Imposible una descripción completa de la complejidad del aquel tramo fronterizo, sin asomarse al laberinto de una legalidad difusa. Lo que se puede observar como rutina a la luz del día, es el menudeo del contrabando, el detal o baratillo del cual participan miles de sobrevivientes al tsunami revolucionario. Participan de ello los oficiales de bajo rango, los ciudadanos empobrecidos, los “carretilleros” permisados pero dispuestos a obtener ingresos extraordinarios, de los cuales deben otorgar una cuota a los funcionarios.
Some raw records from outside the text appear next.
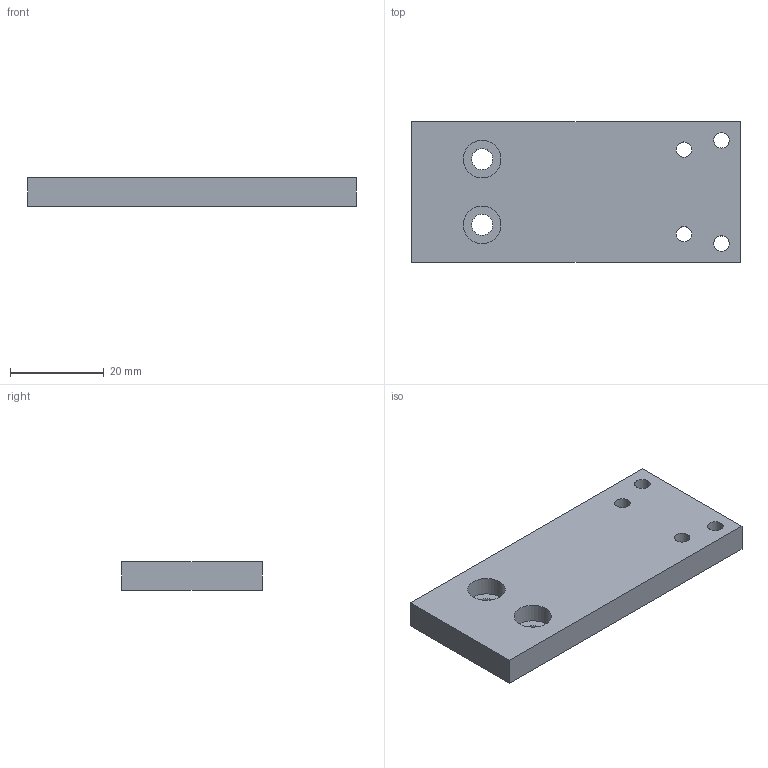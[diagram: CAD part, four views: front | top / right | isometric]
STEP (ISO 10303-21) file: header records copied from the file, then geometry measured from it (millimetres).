
FILE_DESCRIPTION (( 'STEP AP214' ), '1' );
FILE_NAME ('N20910A.step', '2024-12-03T16:26:49', ( '' ), ( '' ), 'SwSTEP 2.0', 'SolidWorks 2023', '' );
FILE_SCHEMA (( 'AUTOMOTIVE_DESIGN' ));
Length unit declared in the file: millimetre
Products named in the file (1): N20910A
Bounding box: 70 x 30 x 6 mm (x, y, z)
Volume: 11929 mm3; surface area: 5774.4 mm2
Topology: 1 solids, 1 shells, 16 faces, 36 edges, 24 vertices
Faces by surface type: plane 8, cylinder 8
Full cylindrical faces by diameter (mm): 3.3 x4, 4.5 x2, 8 x2
Entity records: 463 total; most frequent: DIRECTION 78, CARTESIAN_POINT 69, ORIENTED_EDGE 56, EDGE_LOOP 38, AXIS2_PLACEMENT_3D 33, EDGE_CURVE 28, VERTEX_POINT 24, FACE_OUTER_BOUND 24

También se observa una resemantización del concepto Paraco (Paramilitares). Tal denominación se aplica a un menesteroso que cobra peaje, que atemoriza y extorsiona sin importar cuál es su nacionalidad. Se le vincula con las “mulas” que pasan mercancías vadeando el río Táchira bajo el puente. Pero sobre todo se le asocia con el paso por las trochas a través de las cuales se moviliza el contrabando a mayor escala. La opinión general le atribuye al paraco la condición de agente comercial o de servicios que realiza un papel de intermediación entre funcionarios de ambos países. Pero este nivel involucra oficiales de más alto rango. Redes mafiosas requeridas de complicidad binacional. Los paracos realizan el trabajo sucio o son franquiciarios de las rutas clandestinas. La muy denunciada movilización nocturna de gandolas y camiones cargados con mercancías venezolanas, no parece posible sin la cooperación mafiosa binacional.
Alcabalas
Decir alcabalas es identificar un punto de vigilancia y control, con funcionarios representantes del Estado, usualmente policías, Guardia Nacional u otras fuerzas militares. En las sociedades modernas la representación estatal, como bien apunta Raúl González Fabre (Ifedec, 1997), supone la existencia de relaciones abstractas, despersonalizadas, en acato a una ley general. Esto debería protegernos de la subjetividad, presente en toda relación humana. Pero lo que se vive en los pasos fronterizos rebasa el simple acomodo de las reglas al capricho de los sujetos actuantes en la relación. No es la vieja corrupción endémica con inclusión de la mordida más o menos acorde a una infracción. La asociación para delinquir, así como el uso de las armas de la República para asaltar a los ciudadanos inermes, nos colocan varios peldaños más arriba en la escala de la degradación moral de una policía y fuerza armada más próximas a un ejército de ocupación practicando la rapiña. La ley convertida en escudo del delito, convierte en niña de biberón la clásica relación en la cual el soborno distrae la función universal del funcionario. Nos recuerda el origen de la voz alcabala: impuesto creado ¡en la España del siglo XIV!, bajo el reinado de Alfonso XI. Época del uso privado del poder. Y es que los revolucionarios venezolanos, de tanto condenar la privatización de empresas, terminaron privatizando hasta las armas de la República.